ASSIGNMENT ▸
Report only the number of lines in the entries below that hold the word "what".

DATA EXCERPTS ▸

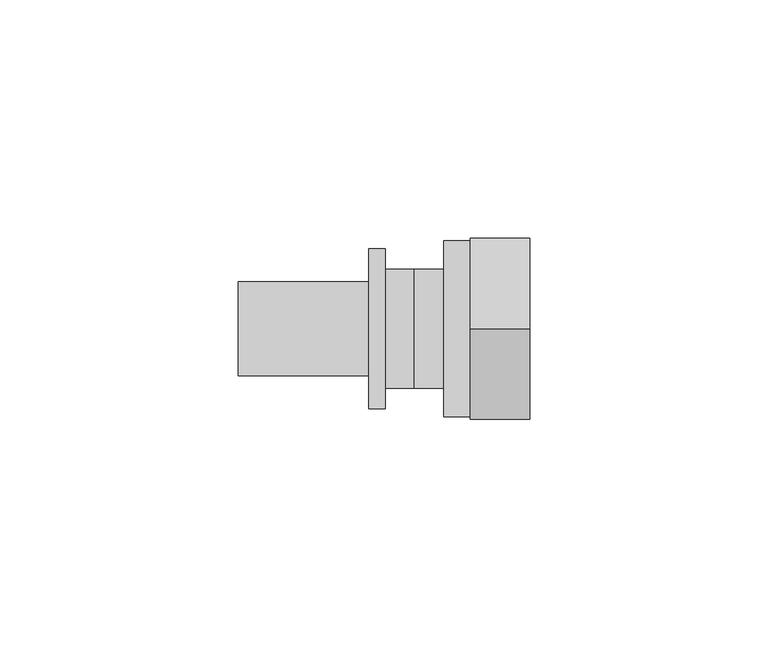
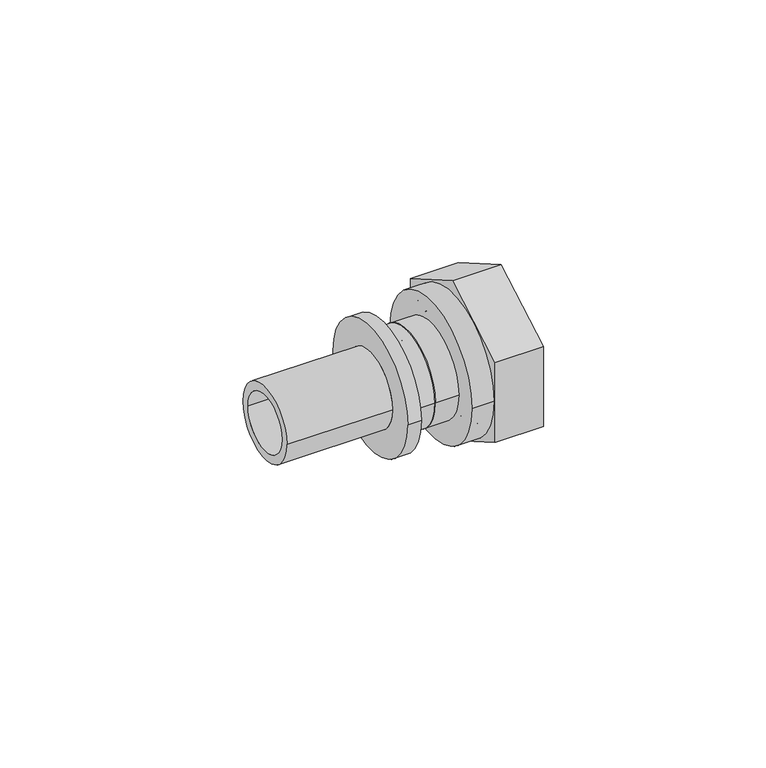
"""IFC4 building model written with IfcOpenShell, lengths in millimetres: pipe fitting geometry, REHAU_RAUTITAN_Adaptor_RX+_union nut : REHAU_RAUTITAN_Adaptor_RX+_union nut."""

import ifcopenshell
import ifcopenshell.guid

model = None  # the IFC model being written
_history = None  # IfcOwnerHistory: only IFC2X3 demands one
_inside = {}  # id of a spatial element -> (the spatial element, [elements in it])
_under = {}  # id of a project, library or spatial element -> (it, [spatial elements below it])
_declared = {}  # id of a project -> (the project, [libraries it declares])
_typed = {}  # id of a type object -> (the type object, [elements of that type])
_made_of = {}  # id of a material, layer set ... -> (it, [elements and type objects made of it])


def new_model(schema):
    """Start an empty IFC model of exactly this schema.

    Asked for "IFC4X3", IfcOpenShell would pick the latest addendum, in which some entities
    have other attributes; the version numbers below select the first issue.
    IFC2X3 requires an IfcOwnerHistory on every rooted entity: one is made here for all.
    """
    global model, _history
    if schema == "IFC4X3":
        model = ifcopenshell.file(schema_version=(4, 3, 0, 0))
    else:
        model = ifcopenshell.file(schema=schema)
    _inside.clear()
    _under.clear()
    _declared.clear()
    _typed.clear()
    _made_of.clear()
    _history = None
    if model.schema == "IFC2X3":
        org = make("IfcOrganization", Name="unknown")
        user = make(
            "IfcPersonAndOrganization",
            ThePerson=make("IfcPerson", FamilyName="unknown"),
            TheOrganization=org,
        )
        app = make(
            "IfcApplication",
            ApplicationDeveloper=org,
            Version="unknown",
            ApplicationFullName="unknown",
            ApplicationIdentifier="unknown",
        )
        _history = make(
            "IfcOwnerHistory",
            OwningUser=user,
            OwningApplication=app,
            ChangeAction="ADDED",
            CreationDate=0,
        )
    return model


def make(cls, **values):
    """One entity of the class cls with the attributes given. An attribute that is None is left unset."""
    return model.create_entity(
        cls, **{name: value for name, value in values.items() if value is not None}
    )


def rooted(cls, **values):
    """An entity with a GlobalId (a new one), such as an element, a storey or a relation."""
    return make(cls, GlobalId=ifcopenshell.guid.new(), OwnerHistory=_history, **values)


def si_unit(unit_type, name, prefix=None):
    """IfcSIUnit, for example si_unit("LENGTHUNIT", "METRE", prefix="MILLI")."""
    return make("IfcSIUnit", UnitType=unit_type, Prefix=prefix, Name=name)


def assignment(units):
    """IfcUnitAssignment: the units of a project."""
    return None if units is None else make("IfcUnitAssignment", Units=units)


def point(xyz):
    """IfcCartesianPoint."""
    return None if xyz is None else make("IfcCartesianPoint", Coordinates=xyz)


def direction(xyz):
    """IfcDirection."""
    return None if xyz is None else make("IfcDirection", DirectionRatios=xyz)


def frame(location, z_axis=None, x_axis=None):
    """IfcAxis2Placement3D, a coordinate frame: its origin and axes. An axis left out is left unset."""
    return make(
        "IfcAxis2Placement3D",
        Location=point(location),
        Axis=direction(z_axis),
        RefDirection=direction(x_axis),
    )


def frame_2d(location, x_axis=None):
    """IfcAxis2Placement2D, a coordinate frame in the plane: its origin and x axis."""
    return make(
        "IfcAxis2Placement2D", Location=point(location), RefDirection=direction(x_axis)
    )


def origin():
    """The frame at (0, 0, 0) with its axes left unset."""
    return frame((0.0, 0.0, 0.0))


def origin_2d():
    """The frame at (0, 0) in the plane with its x axis left unset."""
    return frame_2d((0.0, 0.0))


def place(relative_to, where):
    """IfcLocalPlacement: puts the frame where relative to a parent placement (None: the world)."""
    return make(
        "IfcLocalPlacement", PlacementRelTo=relative_to, RelativePlacement=where
    )


def context(
    kind, dimensions, precision=None, world=None, true_north=None, identifier=None
):
    """IfcGeometricRepresentationContext, for example the 3D "Model" context."""
    return make(
        "IfcGeometricRepresentationContext",
        ContextIdentifier=identifier,
        ContextType=kind,
        CoordinateSpaceDimension=dimensions,
        Precision=precision,
        WorldCoordinateSystem=world,
        TrueNorth=true_north,
    )


def project(units=None, contexts=None):
    """IfcProject with its units and contexts."""
    return rooted(
        "IfcProject",
        Name="project",
        RepresentationContexts=contexts,
        UnitsInContext=assignment(units),
    )


def spatial(cls, under=None, at=None, **own):
    """A site, building, storey or space (cls), placed at a placement, below another one or the project."""
    s = rooted(cls, ObjectPlacement=at, **own)
    if under is not None:
        _under.setdefault(under.id(), (under, []))[1].append(s)
    return s


def polyline(points):
    """IfcPolyline through the points."""
    return make("IfcPolyline", Points=[point(p) for p in points])


def circle_curve(where, radius):
    """IfcCircle in the frame where."""
    return make("IfcCircle", Position=where, Radius=radius)


def trimmed(basis, trim1, trim2, sense, master):
    """IfcTrimmedCurve: the piece of a basis curve between two trims."""
    return make(
        "IfcTrimmedCurve",
        BasisCurve=basis,
        Trim1=trim1,
        Trim2=trim2,
        SenseAgreement=sense,
        MasterRepresentation=master,
    )


def segment(curve, same_sense, transition):
    """IfcCompositeCurveSegment."""
    return make(
        "IfcCompositeCurveSegment",
        Transition=transition,
        SameSense=same_sense,
        ParentCurve=curve,
    )


def composite_curve(segments, self_intersect=None):
    """IfcCompositeCurve: segments joined end to end."""
    return make("IfcCompositeCurve", Segments=segments, SelfIntersect=self_intersect)


def outline(outer, holes=None, kind="AREA"):
    """IfcArbitraryClosedProfileDef: a profile drawn as a closed curve; with holes, ...WithVoids."""
    if holes is None:
        return make("IfcArbitraryClosedProfileDef", ProfileType=kind, OuterCurve=outer)
    return make(
        "IfcArbitraryProfileDefWithVoids",
        ProfileType=kind,
        OuterCurve=outer,
        InnerCurves=holes,
    )


def extrude(swept, where, along, depth):
    """IfcExtrudedAreaSolid: the profile swept, set in the frame where, extruded along a direction by depth."""
    return make(
        "IfcExtrudedAreaSolid",
        SweptArea=swept,
        Position=where,
        ExtrudedDirection=direction(along),
        Depth=depth,
    )


def shape(context_of_items, identifier, shape_type, items):
    """IfcShapeRepresentation: the items that make up one representation, for example the "Body"."""
    return make(
        "IfcShapeRepresentation",
        ContextOfItems=context_of_items,
        RepresentationIdentifier=identifier,
        RepresentationType=shape_type,
        Items=items,
    )


def source(mapping_origin, context_of_items, identifier, shape_type, items):
    """IfcRepresentationMap: a shape defined once, which mapped items show again and again."""
    return make(
        "IfcRepresentationMap",
        MappingOrigin=mapping_origin,
        MappedRepresentation=shape(context_of_items, identifier, shape_type, items),
    )


def transform(
    local_origin,
    x_axis=None,
    y_axis=None,
    z_axis=None,
    scale=None,
    scale2=None,
    scale3=None,
    uniform=True,
):
    """IfcCartesianTransformationOperator3D, or its non-uniform kind. x_axis, y_axis, z_axis: its Axis1, 2, 3."""
    if uniform:
        return make(
            "IfcCartesianTransformationOperator3D",
            Axis1=direction(x_axis),
            Axis2=direction(y_axis),
            LocalOrigin=point(local_origin),
            Scale=scale,
            Axis3=direction(z_axis),
        )
    return make(
        "IfcCartesianTransformationOperator3DnonUniform",
        Axis1=direction(x_axis),
        Axis2=direction(y_axis),
        LocalOrigin=point(local_origin),
        Scale=scale,
        Axis3=direction(z_axis),
        Scale2=scale2,
        Scale3=scale3,
    )


def mapped(mapping_source, mapping_target):
    """IfcMappedItem: shows the shape of a source again, moved by a transform."""
    return make(
        "IfcMappedItem", MappingSource=mapping_source, MappingTarget=mapping_target
    )


def made_of(thing, what):
    """Note that an element or type object is made of a material, layer set ...; save() writes the relation."""
    if what is not None:
        _made_of.setdefault(what.id(), (what, []))[1].append(thing)
    return thing


def element(
    cls,
    number,
    at=None,
    inside=None,
    cuts=None,
    type_object=None,
    material=None,
    context=None,
    identifier="Body",
    shape_type=None,
    held_by="IfcProductDefinitionShape",
    body=None,
    shapes=None,
    **own,
):
    """One element of the class cls, such as IfcWall. Its Tag is "e" and its number.

    at: its placement. inside: the storey or other place that contains it. cuts: it is an
    opening in that element (IfcRelVoidsElement). A single representation is given by context,
    identifier, shape_type and body (its items); several are given by shapes. held_by: the class
    of the entity that holds the representations. save() writes the other relations.
    """
    e = rooted(cls, Tag="e%d" % number, ObjectPlacement=at, **own)
    if body is not None:
        shapes = [shape(context, identifier, shape_type, body)]
    if shapes is not None:
        e.Representation = make(held_by, Representations=shapes)
    if inside is not None:
        _inside.setdefault(inside.id(), (inside, []))[1].append(e)
    if cuts is not None:
        rooted(
            "IfcRelVoidsElement", RelatingBuildingElement=cuts, RelatedOpeningElement=e
        )
    if type_object is not None:
        _typed.setdefault(type_object.id(), (type_object, []))[1].append(e)
    return made_of(e, material)


def aggregate(whole, parts):
    """IfcRelAggregates: a whole, such as a stair, and the parts it consists of."""
    return rooted("IfcRelAggregates", RelatingObject=whole, RelatedObjects=parts)


def save(model, path):
    """Write the relations noted so far, then the file.

    IfcRelAggregates (storeys below a building ...), IfcRelContainedInSpatialStructure (elements
    in a storey), IfcRelDefinesByType, IfcRelAssociatesMaterial and IfcRelDeclares: one each for
    every whole, place, type object, material and project.
    """
    for whole, parts in _under.values():
        aggregate(whole, parts)
    for where, things in _inside.values():
        rooted(
            "IfcRelContainedInSpatialStructure",
            RelatedElements=things,
            RelatingStructure=where,
        )
    for kind, things in _typed.values():
        rooted("IfcRelDefinesByType", RelatedObjects=things, RelatingType=kind)
    for what, things in _made_of.values():
        rooted("IfcRelAssociatesMaterial", RelatedObjects=things, RelatingMaterial=what)
    for by, libraries in _declared.values():
        rooted("IfcRelDeclares", RelatingContext=by, RelatedDefinitions=libraries)
    model.write(path)


def plane_surface(at):
    """IfcPlane: the flat surface through the origin of the frame at, square to its z axis."""
    return make("IfcPlane", Position=at)


def cylinder_surface(at, radius):
    """IfcCylindricalSurface: all points at the distance radius from the z axis of the frame at."""
    return make("IfcCylindricalSurface", Position=at, Radius=radius)


def revolved_surface(curve, axis_point, axis_direction):
    """IfcSurfaceOfRevolution: the curve turned about the line through axis_point along axis_direction."""
    return make(
        "IfcSurfaceOfRevolution",
        SweptCurve=make("IfcArbitraryOpenProfileDef", ProfileType="CURVE", Curve=curve),
        AxisPosition=make("IfcAxis1Placement", Location=point(axis_point), Axis=direction(axis_direction)),
    )


def advanced_brep(points, edges, surfaces, faces):
    """IfcAdvancedBrep: a solid bounded by faces that lie on surfaces and meet in shared edges.

    An edge is (start, end): straight between two places in points (the first is 0);
    or (start, end, curve); or (start, end, curve, False) where it runs against its curve.
    A face is (place in surfaces, loops), or (place, loops, False) where it looks against
    its surface's normal. A loop lists edges by number (the first is 1), with a minus sign
    where the edge is run from its end to its start. The first loop is the outer one.
    """
    corners = [point(p) for p in points]
    vertices = [make("IfcVertexPoint", VertexGeometry=c) for c in corners]
    made = []
    for start, end, *more in edges:
        made.append(
            make(
                "IfcEdgeCurve",
                EdgeStart=vertices[start],
                EdgeEnd=vertices[end],
                EdgeGeometry=more[0] if more else make("IfcPolyline", Points=[corners[start], corners[end]]),
                SameSense=more[1] if len(more) > 1 else True,
            )
        )
    hull = []
    for where, loops, *sense in faces:
        bounds = []
        for j, loop in enumerate(loops):
            ring = [make("IfcOrientedEdge", EdgeElement=made[abs(k) - 1], Orientation=k > 0) for k in loop]
            bounds.append(
                make(
                    "IfcFaceOuterBound" if j == 0 else "IfcFaceBound",
                    Bound=make("IfcEdgeLoop", EdgeList=ring),
                    Orientation=True,
                )
            )
        hull.append(make("IfcAdvancedFace", Bounds=bounds, FaceSurface=surfaces[where], SameSense=sense[0] if sense else True))
    return make("IfcAdvancedBrep", Outer=make("IfcClosedShell", CfsFaces=hull))


def pipe_fitting_bc3ce7b6(model_context):
    return source(origin(), model_context, "Body", "SolidModel", [
        extrude(outline(polyline([(0.0, -21.9393102), (-19.0, -10.9696551), (-19.0, 10.9696551), (0.0, 21.9393102), (19.0, 10.9696551), (19.0, -10.9696551), (0.0, -21.9393102)]), holes=[composite_curve([segment(trimmed(circle_curve(origin_2d(), 18.5), [point((-18.5, 0.0))], [point((18.5, 0.0))], True, "CARTESIAN"), True, "CONTINUOUS"), segment(trimmed(circle_curve(origin_2d(), 18.5), [point((18.5, 0.0))], [point((-18.5, 0.0))], True, "CARTESIAN"), True, "CONTINUOUS")], self_intersect=False)]), frame((11.7, 0.0, 0.0), z_axis=(1.0, 0.0, 0.0), x_axis=(0.0, 1.0, 0.0)), (0.0, 0.0, 1.0), 12.5),
        advanced_brep(
        [(24.2, 18.5, 0.0), (24.2, -18.5, 0.0), (6.1, -18.5, 0.0), (6.1, 18.5, 0.0), (9.0, 15.3, 0.0), (9.0, -15.3, 0.0), (24.2, -15.3, 0.0), (24.2, 15.3, 0.0), (6.1, 12.4, 0.0), (6.1, -12.4, 0.0), (9.0, -12.4, 0.0), (9.0, 12.4, 0.0)],
        [
            (0, 1, circle_curve(frame((24.2, 0.0, 0.0), z_axis=(-1.0, 0.0, 0.0), x_axis=(0.0, -1.0, 0.0)), 18.5)),
            (1, 2),
            (2, 3, circle_curve(frame((6.1, 0.0, 0.0), z_axis=(1.0, 0.0, 0.0), x_axis=(0.0, -1.0, 0.0)), 18.5)),
            (3, 0),
            (4, 5, circle_curve(frame((9.0, 0.0, 0.0), z_axis=(-1.0, 0.0, 0.0), x_axis=(0.0, -1.0, 0.0)), 15.3)),
            (5, 6),
            (6, 7, circle_curve(frame((24.2, 0.0, 0.0), z_axis=(1.0, 0.0, 0.0), x_axis=(0.0, -1.0, 0.0)), 15.3)),
            (7, 4),
            (8, 9, circle_curve(frame((6.1, 0.0, 0.0), z_axis=(-1.0, 0.0, 0.0), x_axis=(0.0, -1.0, 0.0)), 12.4)),
            (9, 10),
            (10, 11, circle_curve(frame((9.0, 0.0, 0.0), z_axis=(1.0, 0.0, 0.0), x_axis=(0.0, -1.0, 0.0)), 12.4)),
            (11, 8),
            (1, 0, circle_curve(frame((24.2, 0.0, 0.0), z_axis=(-1.0, 0.0, 0.0), x_axis=(0.0, 1.0, 0.0)), 18.5)),
            (3, 2, circle_curve(frame((6.1, 0.0, 0.0), z_axis=(1.0, 0.0, 0.0), x_axis=(0.0, 1.0, 0.0)), 18.5)),
            (6, 7, circle_curve(frame((24.2, 0.0, 0.0), z_axis=(-1.0, 0.0, 0.0), x_axis=(0.0, 1.0, 0.0)), 15.3)),
            (5, 4, circle_curve(frame((9.0, 0.0, 0.0), z_axis=(-1.0, 0.0, 0.0), x_axis=(0.0, 1.0, 0.0)), 15.3)),
            (10, 11, circle_curve(frame((9.0, 0.0, 0.0), z_axis=(-1.0, 0.0, 0.0), x_axis=(0.0, 1.0, 0.0)), 12.4)),
            (9, 8, circle_curve(frame((6.1, 0.0, 0.0), z_axis=(-1.0, 0.0, 0.0), x_axis=(0.0, 1.0, 0.0)), 12.4)),
        ],
        [
            cylinder_surface(frame((0.0, 0.0, 0.0), z_axis=(1.0, 0.0, 0.0), x_axis=(0.0, -1.0, 0.0)), 18.5),
            revolved_surface(polyline([(24.2, -15.3, 0.0), (9.0, -15.3, 0.0)]), (0.0, 0.0, 0.0), (1.0, 0.0, 0.0)),
            revolved_surface(polyline([(9.0, -12.4, 0.0), (6.1, -12.4, 0.0)]), (0.0, 0.0, 0.0), (1.0, 0.0, 0.0)),
            cylinder_surface(frame((0.0, 0.0, 0.0), z_axis=(1.0, 0.0, 0.0), x_axis=(0.0, 1.0, 0.0)), 18.5),
            plane_surface(frame((24.2, 0.0, 0.0), z_axis=(1.0, 0.0, 0.0), x_axis=(0.0, 1.0, 0.0))),
            revolved_surface(polyline([(24.2, 15.3, 0.0), (9.0, 15.3, 0.0)]), (0.0, 0.0, 0.0), (1.0, 0.0, 0.0)),
            plane_surface(frame((9.0, 0.0, 0.0), z_axis=(1.0, 0.0, 0.0), x_axis=(0.0, 1.0, 0.0))),
            revolved_surface(polyline([(9.0, 12.4, 0.0), (6.1, 12.4, 0.0)]), (0.0, 0.0, 0.0), (1.0, 0.0, 0.0)),
            plane_surface(frame((6.1, 0.0, 0.0), z_axis=(-1.0, 0.0, 0.0), x_axis=(0.0, 1.0, 0.0))),
        ],
        [
            (0, [[1, 2, 3, 4]]),
            (1, [[5, 6, 7, 8]]),
            (2, [[9, 10, 11, 12]]),
            (3, [[13, -4, 14, -2]]),
            (4, [[-13, -1], [15, -7]]),
            (5, [[16, -8, -15, -6]]),
            (6, [[-16, -5], [17, -11]]),
            (7, [[18, -12, -17, -10]]),
            (8, [[-14, -3], [-18, -9]]),
        ],
    ),
        advanced_brep(
        [(9.0, 12.5, 0.0), (9.0, -12.5, 0.0), (0.0, -12.5, 0.0), (0.0, 12.5, 0.0), (12.0, 15.3, 0.0), (12.0, -15.3, 0.0), (9.0, -15.3, 0.0), (9.0, 15.3, 0.0), (1.4730817, 10.0, 0.0), (1.4730817, -10.0, 0.0), (12.0, -10.0, 0.0), (12.0, 10.0, 0.0), (0.0, 7.8264556, 0.0), (0.0, -7.8264556, 0.0), (1.4730817, -7.8264556, 0.0), (1.4730817, 7.8264556, 0.0)],
        [
            (0, 1, circle_curve(frame((9.0, 0.0, 0.0), z_axis=(-1.0, 0.0, 0.0), x_axis=(0.0, -1.0, 0.0)), 12.5)),
            (1, 2),
            (2, 3, circle_curve(frame((0.0, 0.0, 0.0), z_axis=(1.0, 0.0, 0.0), x_axis=(0.0, -1.0, 0.0)), 12.5)),
            (3, 0),
            (4, 5, circle_curve(frame((12.0, 0.0, 0.0), z_axis=(-1.0, 0.0, 0.0), x_axis=(0.0, -1.0, 0.0)), 15.3)),
            (5, 6),
            (6, 7, circle_curve(frame((9.0, 0.0, 0.0), z_axis=(1.0, 0.0, 0.0), x_axis=(0.0, -1.0, 0.0)), 15.3)),
            (7, 4),
            (8, 9, circle_curve(frame((1.4730817, 0.0, 0.0), z_axis=(-1.0, 0.0, 0.0), x_axis=(0.0, -1.0, 0.0)), 10.0)),
            (9, 10),
            (10, 11, circle_curve(frame((12.0, 0.0, 0.0), z_axis=(1.0, 0.0, 0.0), x_axis=(0.0, -1.0, 0.0)), 10.0)),
            (11, 8),
            (2, 3, circle_curve(frame((0.0, 0.0, 0.0), z_axis=(-1.0, 0.0, 0.0), x_axis=(0.0, 1.0, 0.0)), 12.5)),
            (12, 13, circle_curve(frame((0.0, 0.0, 0.0), z_axis=(1.0, 0.0, 0.0), x_axis=(0.0, 1.0, 0.0)), 7.8264556)),
            (13, 12, circle_curve(frame((0.0, 0.0, 0.0), z_axis=(1.0, 0.0, 0.0), x_axis=(0.0, -1.0, 0.0)), 7.8264556)),
            (1, 0, circle_curve(frame((9.0, 0.0, 0.0), z_axis=(-1.0, 0.0, 0.0), x_axis=(0.0, 1.0, 0.0)), 12.5)),
            (6, 7, circle_curve(frame((9.0, 0.0, 0.0), z_axis=(-1.0, 0.0, 0.0), x_axis=(0.0, 1.0, 0.0)), 15.3)),
            (5, 4, circle_curve(frame((12.0, 0.0, 0.0), z_axis=(-1.0, 0.0, 0.0), x_axis=(0.0, 1.0, 0.0)), 15.3)),
            (10, 11, circle_curve(frame((12.0, 0.0, 0.0), z_axis=(-1.0, 0.0, 0.0), x_axis=(0.0, 1.0, 0.0)), 10.0)),
            (9, 8, circle_curve(frame((1.4730817, 0.0, 0.0), z_axis=(-1.0, 0.0, 0.0), x_axis=(0.0, 1.0, 0.0)), 10.0)),
            (13, 14),
            (14, 15, circle_curve(frame((1.4730817, 0.0, 0.0), z_axis=(1.0, 0.0, 0.0), x_axis=(0.0, -1.0, 0.0)), 7.8264556)),
            (15, 12),
            (14, 15, circle_curve(frame((1.4730817, 0.0, 0.0), z_axis=(-1.0, 0.0, 0.0), x_axis=(0.0, 1.0, 0.0)), 7.8264556)),
        ],
        [
            cylinder_surface(frame((0.0, 0.0, 0.0), z_axis=(1.0, 0.0, 0.0), x_axis=(0.0, -1.0, 0.0)), 12.5),
            cylinder_surface(frame((0.0, 0.0, 0.0), z_axis=(1.0, 0.0, 0.0), x_axis=(0.0, -1.0, 0.0)), 15.3),
            revolved_surface(polyline([(12.0, -10.0, 0.0), (1.4730817, -10.0, 0.0)]), (0.0, 0.0, 0.0), (1.0, 0.0, 0.0)),
            plane_surface(frame((0.0, 0.0, 0.0), z_axis=(-1.0, 0.0, 0.0), x_axis=(0.0, 1.0, 0.0))),
            cylinder_surface(frame((0.0, 0.0, 0.0), z_axis=(1.0, 0.0, 0.0), x_axis=(0.0, 1.0, 0.0)), 12.5),
            plane_surface(frame((9.0, 0.0, 0.0), z_axis=(-1.0, 0.0, 0.0), x_axis=(0.0, 1.0, 0.0))),
            cylinder_surface(frame((0.0, 0.0, 0.0), z_axis=(1.0, 0.0, 0.0), x_axis=(0.0, 1.0, 0.0)), 15.3),
            plane_surface(frame((12.0, 0.0, 0.0), z_axis=(1.0, 0.0, 0.0), x_axis=(0.0, 1.0, 0.0))),
            revolved_surface(polyline([(12.0, 10.0, 0.0), (1.4730817, 10.0, 0.0)]), (0.0, 0.0, 0.0), (1.0, 0.0, 0.0)),
            revolved_surface(polyline([(1.4730817, -7.8264556, 0.0), (0.0, -7.8264556, 0.0)]), (0.0, 0.0, 0.0), (1.0, 0.0, 0.0)),
            plane_surface(frame((1.4730817, 0.0, 0.0), z_axis=(1.0, 0.0, 0.0), x_axis=(0.0, 1.0, 0.0))),
            revolved_surface(polyline([(1.4730817, 7.8264556, 0.0), (0.0, 7.8264556, 0.0)]), (0.0, 0.0, 0.0), (1.0, 0.0, 0.0)),
        ],
        [
            (0, [[1, 2, 3, 4]]),
            (1, [[5, 6, 7, 8]]),
            (2, [[9, 10, 11, 12]]),
            (3, [[13, -3], [14, 15]]),
            (4, [[16, -4, -13, -2]]),
            (5, [[17, -7], [-16, -1]]),
            (6, [[18, -8, -17, -6]]),
            (7, [[-18, -5], [19, -11]]),
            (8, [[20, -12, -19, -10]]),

EXERCISE OUTPUT ▸
5